Su gestión, evaluada como sobria y eficiente, le ha permitido frenar más de una corrida cambiaria, limitar el gasto público y mantener los niveles de empleo. No es poco habida cuenta de las condiciones en las que asumió la cartera de Economía, y mucho más si se observa que ya consiguió superar incluso a Cristina Fernández dentro de las preferencias del electorado. Su última determinación de encargar al Banco Central que «lleve adelante en nombre del Tesoro» un «proceso de recompra de deuda externa argentina por más de mil millones de dólares» generó enorme optimismo en el mundillo financiero y empresarial, y le permitió revertir la escalada en la cotización de los dólares alternativos de los días previos.

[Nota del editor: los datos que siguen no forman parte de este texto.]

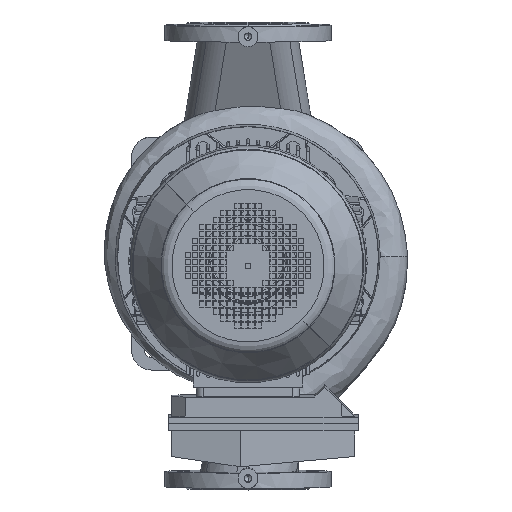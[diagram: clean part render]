
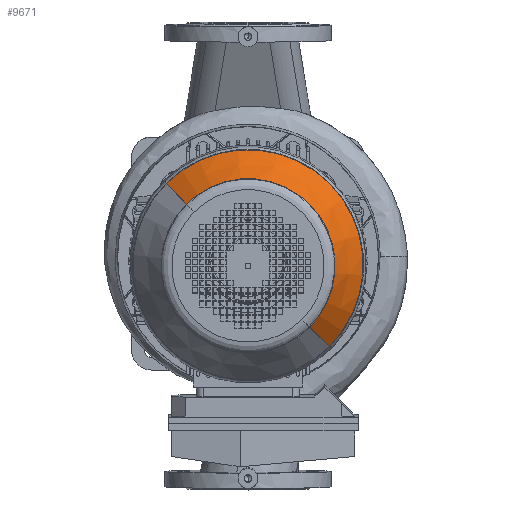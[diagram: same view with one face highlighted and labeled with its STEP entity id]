
A CAD part, top view. The second image highlights one B-rep face of the part: STEP entity #9671.
In plain terms, the highlighted conical face has half-angle 34.992 degrees and reference radius 125 mm.
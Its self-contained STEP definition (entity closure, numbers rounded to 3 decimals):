
#9671=ADVANCED_FACE('',(#23120),#23121,.T.);
#11367=EDGE_CURVE('',#26083,#26084,#26085,.T.);
#11369=EDGE_CURVE('',#26087,#26088,#26089,.T.);
#23120=FACE_OUTER_BOUND('',#43401,.T.);
#23121=CONICAL_SURFACE('',#43402,125.0,0.611);
#26083=VERTEX_POINT('',#46369);
#26084=VERTEX_POINT('',#46370);
#26085=CIRCLE('',#46371,173.885);
#26087=VERTEX_POINT('',#46374);
#26088=VERTEX_POINT('',#46375);
#26089=CIRCLE('',#46376,130.972);
#43401=EDGE_LOOP('',(#73256,#73257,#73258,#73259));
#43402=AXIS2_PLACEMENT_3D('',#73260,#73261,#73262);
#46369=CARTESIAN_POINT('',(173.885,0.,130.165));
#46370=CARTESIAN_POINT('',(-173.885,0.,130.165));
#46371=AXIS2_PLACEMENT_3D('',#81711,#81712,#81713);
#46374=CARTESIAN_POINT('',(-130.972,0.,191.469));
#46375=CARTESIAN_POINT('',(130.972,0.0,191.469));
#46376=AXIS2_PLACEMENT_3D('',#81714,#81715,#81716);
#73256=ORIENTED_EDGE('',*,*,#91258,.F.);
#73257=ORIENTED_EDGE('',*,*,#11367,.F.);
#73258=ORIENTED_EDGE('',*,*,#91259,.F.);
#73259=ORIENTED_EDGE('',*,*,#11369,.F.);
#73260=CARTESIAN_POINT('',(0.0,0.0,200.0));
#73261=DIRECTION('',(-0.0,-0.0,-1.0));
#73262=DIRECTION('',(-1.0,0.0,0.0));
#81711=CARTESIAN_POINT('',(0.0,0.0,130.165));
#81712=DIRECTION('',(0.0,0.0,-1.0));
#81713=DIRECTION('',(1.0,0.,0.0));
#81714=CARTESIAN_POINT('',(0.0,0.0,191.469));
#81715=DIRECTION('',(0.0,0.0,1.0));
#81716=DIRECTION('',(1.0,0.0,0.0));
#91258=EDGE_CURVE('',#26084,#26087,#98037,.T.);
#91259=EDGE_CURVE('',#26088,#26083,#98038,.T.);
#98037=LINE('',#106517,#106518);
#98038=LINE('',#106519,#106520);
#106517=CARTESIAN_POINT('',(-125.0,0.,200.0));
#106518=VECTOR('',#115270,1.0);
#106519=CARTESIAN_POINT('',(125.0,0.,200.0));
#106520=VECTOR('',#115271,1.0);
#115270=DIRECTION('',(0.573,0.,0.819));
#115271=DIRECTION('',(0.573,0.,-0.819));

En caso de continuar con viento de cola, con Massa el Frente de Todos podría volver a ponerse en carrera, sobre todo si Axel Kicillof es el candidato a la reelección en la Provincia de Buenos Aires. Ningún oficialismo puede aspirar a nada serio cambiando a sus referencias institucionales cuando no están inhabilitadas para presentarse a una renovación de sus mandatos, ya que eso implica una aceptación pública del fracaso. Pero el argumento, en este caso, sería que el que fracasó fue Alberto, pero que el Gobierno mejoró significativamente cuando tomó las riendas el actual Ministro de Economía.
La opción Massa le resta sentido al armado entre Urtubey y Schiaretti, que sólo le robaría votos a una candidatura cristinista, y le propina un duro golpe a las aspiraciones de Javier Milei, quien viene en retroceso al no conseguir presentar una propuesta electoral convincente. Su retroceso constante en las encuestas así lo demuestra.
El único inconveniente es que el Ministro de Economía ya ha afirmado reiteradamente que no tiene aspiraciones presidenciales en lo inmediato, y que su única preocupación es el combate contra la inflación y el crecimiento de la economía. Claro está que, incluso aunque esté convencido de que ese y no otro es su desafío, su gestión terminará siendo su campaña, más allá de la voluntad que lo anime.
Los meses próximos serán decisivos. Sólo queda en claro que al Frente de Todos parecen abrírsele dos salidas excluyentes: la competencia por la victoria, en caso de que Massa siga consolidándose, o una “derrota defensiva” con Daniel Scioli.
Quien termine siendo el candidato demostrará cuáles son las aspiraciones electorales del actual oficialismo a la hora de la verdad.